The role of MITF in melanoma progression appears contradictory. Bianchi-Smiraglia et al found that MITF depletion increased the production of invadopodia and matrix degradation in MITF-depleted SK-Mel-28 and 501Mel cells compared to control cells, as well as increased melanoma cell invasion by inhibiting GMPR-dependent suppression of RAC1 activity (38). GMPR is also required for MITF-dependent reduction of tumorigenicity, and lung colonisation in C57Bl/6 mice, according to previous findings (38). Conversely, a study carried out by developing MITF- or BRN2-knockdown cell lines revealed that reduction of MITF and BRN2 decreased metastasis. Along with MITF, BRN2 is fundamental in melanoma phenotype switching (39).

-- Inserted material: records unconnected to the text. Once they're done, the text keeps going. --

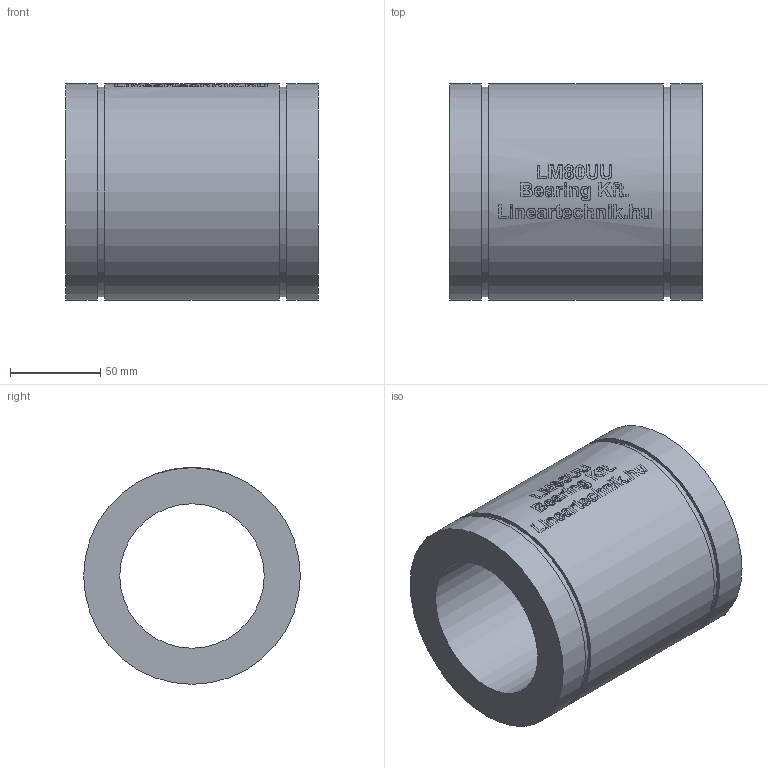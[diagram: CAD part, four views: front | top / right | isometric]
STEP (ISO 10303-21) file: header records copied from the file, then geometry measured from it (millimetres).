
FILE_DESCRIPTION(/* description */ ('Huosing for flange nuts'),/* implementation_level */ '2;1');
FILE_NAME(/* name */ 'LM80UU',/* time_stamp */ '2019-05-07T14:09:05+02:00',/* author */ ('VĂ©gh MĂˇtĂ©'),/* organization */ ('Bearing Kft'),/* preprocessor_version */ 'ST-DEVELOPER v16.7',/* originating_system */ 'DEX',/* authorisation */ $);
FILE_SCHEMA (('AUTOMOTIVE_DESIGN {1 0 10303 214 3 1 1}'));
Length unit declared in the file: millimetre
Products named in the file (1): LM80UU
Bounding box: 140 x 120 x 120 mm (x, y, z)
Volume: 873404.2 mm3; surface area: 103488.4 mm2
Topology: 1 solids, 1 shells, 298 faces, 737 edges, 492 vertices
Faces by surface type: plane 151, bspline 94, cylinder 53
Full cylindrical faces by diameter (mm): 80 x1, 116 x2, 120 x3
Entity records: 23915 total; most frequent: CARTESIAN_POINT 17356, ORIENTED_EDGE 1448, DIRECTION 1080, EDGE_CURVE 724, VERTEX_POINT 490, LINE 398, VECTOR 398, EDGE_LOOP 362

Initially, melanoma cell lines that express both BRN2 and MITF were identified through western blot analysis. C32, HT144, and MM455 were classified as MITFlow and MM649, MM96L, and A02 were classified as MITFhigh cells (39). These cell lines were transduced with a lentivirus expressing luciferase, tetracycline (Tet) repressor and shRNA targeting either MITF, BRN2 or lacZ as a negative control (shNEG), under the control of the CMV/TetO2 promoter (39). MITF depletion caused a decrease in cell proliferation and cell cycle progression while BRN2 depletion had no significant effect on the cell proliferation or cell progression compared to control cells (39). MITF depletion also reduced cell invasion and cell migration while BRN2 depletion did not cause a significant reduction (39). However, both MITF and BRN2 depletion resulted in impaired growth of tumours and metastasis in mouse xenografts (39). Similarly, a study carried out by Swoboda et al, demonstrated that loss of signal transducer and activator of transcription 3 (STAT3) expression accompanied by an increase in MITF induced cell proliferation thus increasing the risk of developing melanoma (40). Nonetheless, loss of STAT3 was accompanied by a decrease in tumour invasion and a loss of EMT-like phenotype (40). To summarize, their research revealed that STAT3 expression enhanced melanoma spread by suppressing the MITF pathway, although MITF loss not only reduced cell proliferation but also the risk of developing melanoma (40).
To understand the role of MITF in melanoma, it is necessary to explore the role melanin plays in the progression of melanoma. Melanin is a tyrosine-derived complex polymer, and it is the pigment responsible for skin, hair and eye colour (41). The central hub of the melanin synthesis regulation network is the MITF protein (25).